» **WHAT IS EXPECTED**:
Find "msp.add_line(p, q, dxfattribs=at)" in the material below, then copy that line and every subsequent line to the end, exactly.

═════ EXERCISE DATA

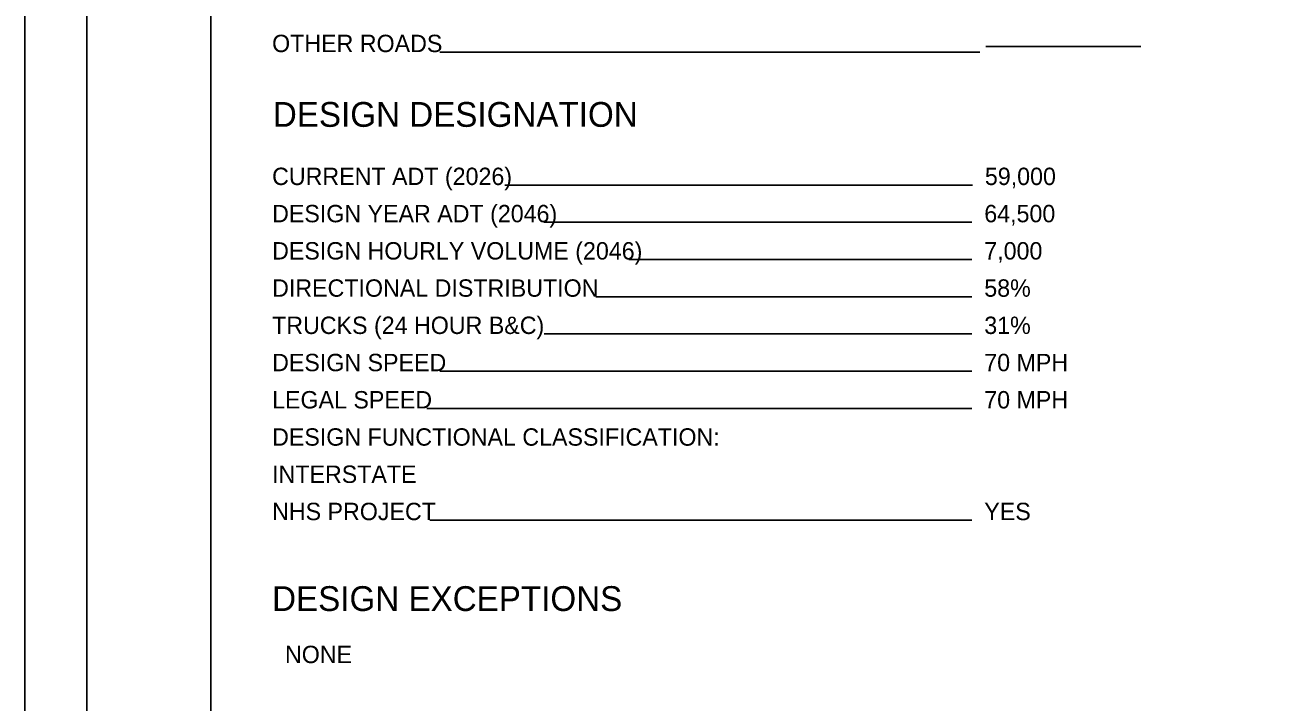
# Model space of a CAD drawing. Extents: x 0 to 34, y 0 to 22.
# Drawn here: x 0 to 10.01, y 5.64 to 11.1 of the extents above; entities that cross this region are included whole.
import ezdxf

# ---------------------------------------------------------------- set-up
doc = ezdxf.new("R2010")
doc.units = 0
for name, color, linetype in [('SH_Border', 7, 'Continuous'), ('SH_Cut_Line', 7, 'Continuous'), ('SH_Data', 7, 'Continuous'), ('SH_Text', 7, 'Continuous')]:
    doc.layers.add(name, color=color, linetype=linetype)

msp = doc.modelspace()

# ---------------------------------------------------------------- linework, layer by layer
at = {"layer": 'SH_Border'}
for points in [[(0.5, 21.5), (1.5, 21.5), (1.5, 0.5), (0.5, 0.5)], [(1.5, 21.5), (33.5, 21.5), (33.5, 0.5), (1.5, 0.5)]]:
    msp.add_lwpolyline(points, close=True, dxfattribs=at)
at = {"layer": 'SH_Cut_Line'}
msp.add_lwpolyline([(0, 0), (34, 0), (34, 22), (0, 22)], close=True, dxfattribs=at)
at = {"layer": 'SH_Data'}
for p, q in [((9, 10.922), (7.75, 10.922)), ((7.7, 10.877), (3.347, 10.877)), ((7.642, 9.806), (3.871, 9.806)), ((7.637, 9.506), (4.189, 9.506)), ((7.637, 9.206), (4.872, 9.206)), ((7.637, 8.906), (4.604, 8.906)), ((7.637, 8.606), (4.189, 8.606)), ((7.637, 8.306), (3.346, 8.306)), ((7.637, 8.006), (3.242, 8.006)), ((7.637, 7.106), (3.267, 7.106))]:
    msp.add_line(p, q, dxfattribs=at)

# ---------------------------------------------------------------- texts
msp.add_text('DESIGN DESIGNATION', height=0.2, dxfattribs=at).set_placement((2, 10.275))
at = {"layer": 'SH_Text'}
for s, height, p in [('OTHER ROADS', 0.14, (1.994, 10.877)), ('CURRENT ADT (2026)', 0.14, (1.994, 9.806)), ('59,000', 0.14, (7.742, 9.806)), ('DESIGN YEAR ADT (2046)', 0.14, (1.994, 9.506)), ('64,500', 0.14, (7.737, 9.506)), ('DESIGN HOURLY VOLUME (2046)', 0.14, (1.994, 9.206)), ('7,000 ', 0.14, (7.737, 9.206)), ('DIRECTIONAL DISTRIBUTION', 0.14, (1.994, 8.906)), ('58%   ', 0.14, (7.737, 8.906)), ('TRUCKS (24 HOUR B&C)', 0.14, (1.994, 8.606)), ('31%   ', 0.14, (7.737, 8.606)), ('DESIGN SPEED', 0.14, (1.994, 8.306)), ('70 MPH', 0.14, (7.737, 8.306)), ('LEGAL SPEED', 0.14, (1.994, 8.006)), ('70 MPH', 0.14, (7.737, 8.006)), ('DESIGN FUNCTIONAL CLASSIFICATION:', 0.14, (1.994, 7.706)), ('INTERSTATE', 0.14, (1.994, 7.406)), ('NHS PROJECT', 0.14, (1.994, 7.106)), ('YES', 0.14, (7.737, 7.106)), ('DESIGN EXCEPTIONS', 0.2, (1.994, 6.374)), ('  NONE                                   ', 0.14, (1.994, 5.954))]:
    msp.add_text(s, height=height, dxfattribs=at).set_placement(p)

doc.saveas('drawing.dxf')

══════════

» **SOLUTION FOR THIS EXERCISE**:
    msp.add_line(p, q, dxfattribs=at)

# ---------------------------------------------------------------- texts
msp.add_text('DESIGN DESIGNATION', height=0.2, dxfattribs=at).set_placement((2, 10.275))
at = {"layer": 'SH_Text'}
for s, height, p in [('OTHER ROADS', 0.14, (1.994, 10.877)), ('CURRENT ADT (2026)', 0.14, (1.994, 9.806)), ('59,000', 0.14, (7.742, 9.806)), ('DESIGN YEAR ADT (2046)', 0.14, (1.994, 9.506)), ('64,500', 0.14, (7.737, 9.506)), ('DESIGN HOURLY VOLUME (2046)', 0.14, (1.994, 9.206)), ('7,000 ', 0.14, (7.737, 9.206)), ('DIRECTIONAL DISTRIBUTION', 0.14, (1.994, 8.906)), ('58%   ', 0.14, (7.737, 8.906)), ('TRUCKS (24 HOUR B&C)', 0.14, (1.994, 8.606)), ('31%   ', 0.14, (7.737, 8.606)), ('DESIGN SPEED', 0.14, (1.994, 8.306)), ('70 MPH', 0.14, (7.737, 8.306)), ('LEGAL SPEED', 0.14, (1.994, 8.006)), ('70 MPH', 0.14, (7.737, 8.006)), ('DESIGN FUNCTIONAL CLASSIFICATION:', 0.14, (1.994, 7.706)), ('INTERSTATE', 0.14, (1.994, 7.406)), ('NHS PROJECT', 0.14, (1.994, 7.106)), ('YES', 0.14, (7.737, 7.106)), ('DESIGN EXCEPTIONS', 0.2, (1.994, 6.374)), ('  NONE                                   ', 0.14, (1.994, 5.954))]:
    msp.add_text(s, height=height, dxfattribs=at).set_placement(p)

doc.saveas('drawing.dxf')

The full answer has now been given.